Skip the pictures. Transcribe the rest of the data below without changing a word.

### Task data
┄┄┄┄┄┄┄┄┄┄┄┄┄┄┄┄┄┄┄┄

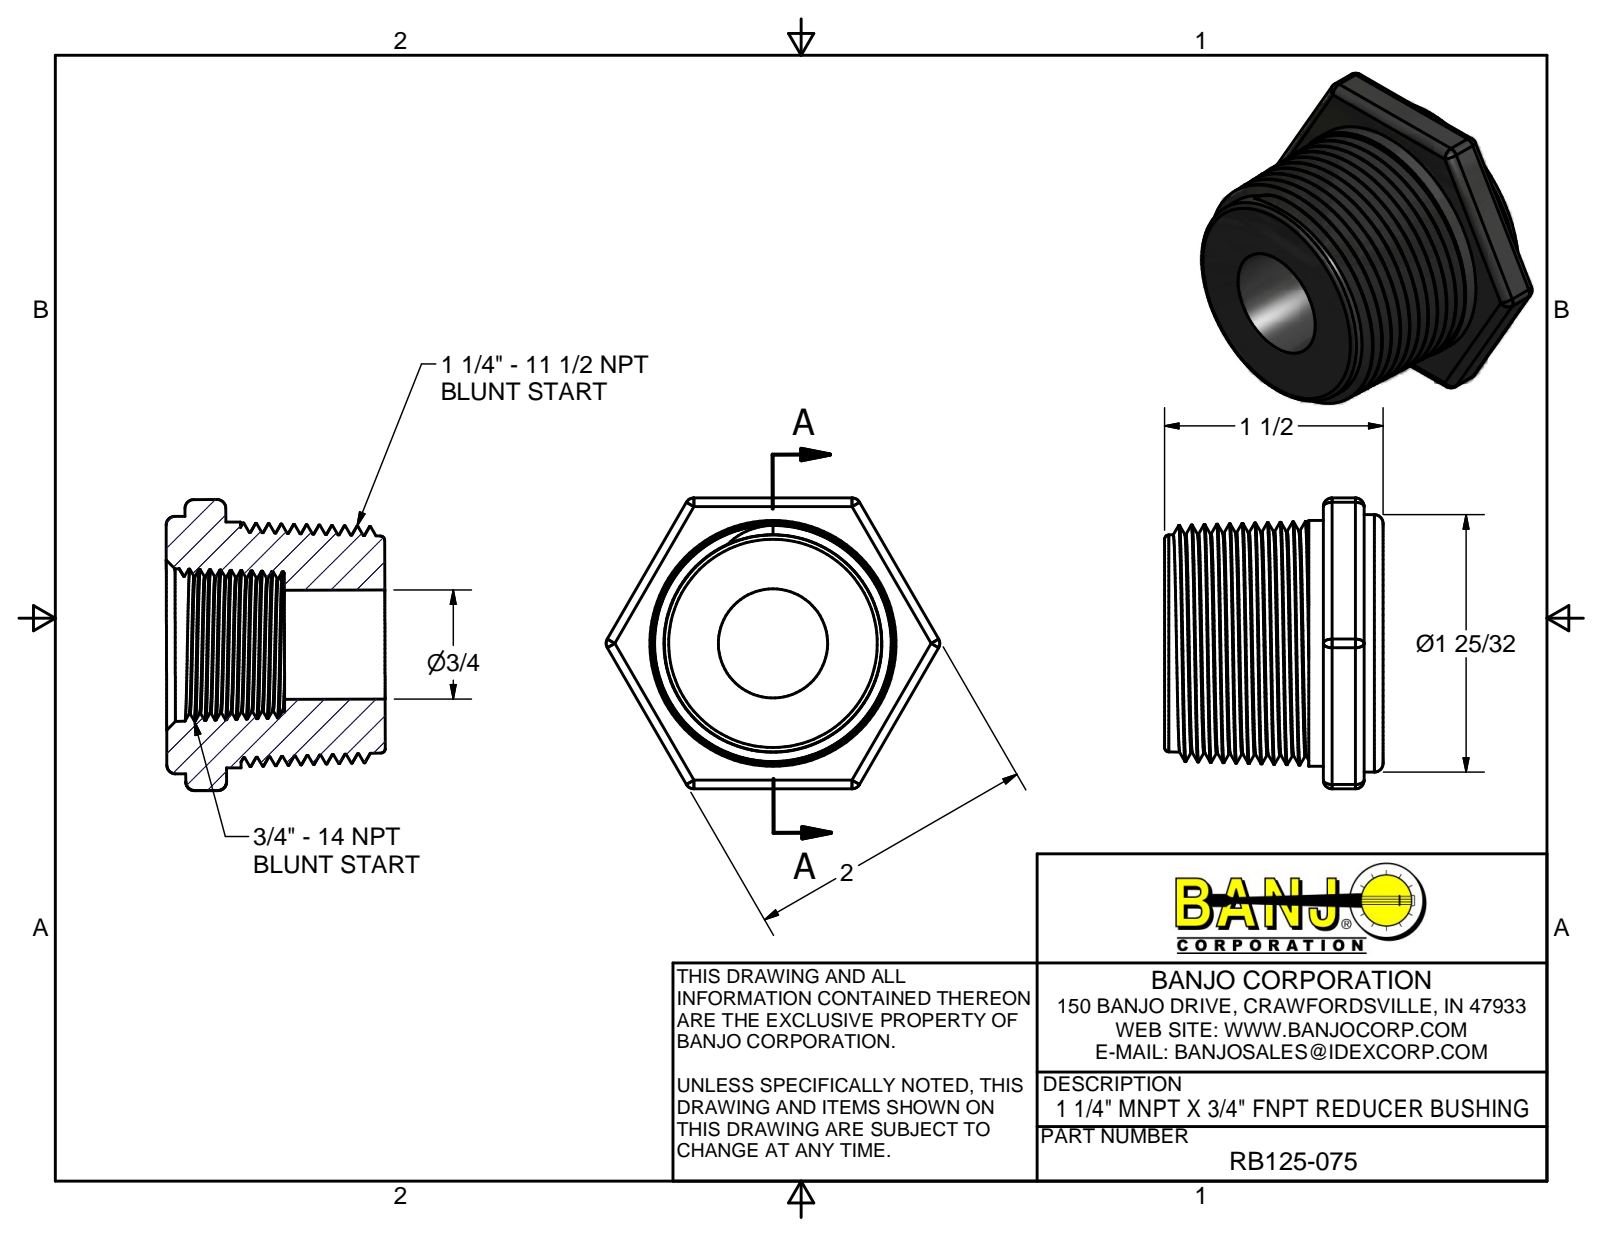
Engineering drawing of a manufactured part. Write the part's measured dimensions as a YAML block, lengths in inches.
part_name: "RB125-075"
step_written_by: "Autodesk Inventor 2014 (AUTOMOTIVE_DESIGN)"
units: inches
bodies: {solids: 1, faces: 82, planar: 12, cylindrical: 23, other: 47}
overall_size: [2.291, 2, 1.5]
volume: 2.499
surface_area: 22.57
round_holes:
  - {diameter: 0.75, count: 1}
round_bosses_or_shafts:
  - {diameter: 1.77, count: 1}
  - {diameter: 1.69, count: 1}
partial_cylinders:
  - {radius: 0.06, count: 18}
  - {radius: 0.313, count: 1}
  - {radius: 0.437, count: 1}
face_to_face_distances: [1.5, 0.41, 1.09, 0.13, 0.28, 1.37, 2, 0.81, 0.68, 0.4]

┄┄┄┄┄┄┄┄┄┄┄┄┄┄┄┄┄┄┄┄

### Result below
Engineering drawing of a manufactured part. Write the part's measured dimensions as a YAML block, lengths in inches.
part_name: "RB125-075"
step_written_by: "Autodesk Inventor 2014 (AUTOMOTIVE_DESIGN)"
units: inches
bodies: {solids: 1, faces: 82, planar: 12, cylindrical: 23, other: 47}
overall_size: [2.291, 2, 1.5]
volume: 2.499
surface_area: 22.57
round_holes:
  - {diameter: 0.75, count: 1}
round_bosses_or_shafts:
  - {diameter: 1.77, count: 1}
  - {diameter: 1.69, count: 1}
partial_cylinders:
  - {radius: 0.06, count: 18}
  - {radius: 0.313, count: 1}
  - {radius: 0.437, count: 1}
face_to_face_distances: [1.5, 0.41, 1.09, 0.13, 0.28, 1.37, 2, 0.81, 0.68, 0.4]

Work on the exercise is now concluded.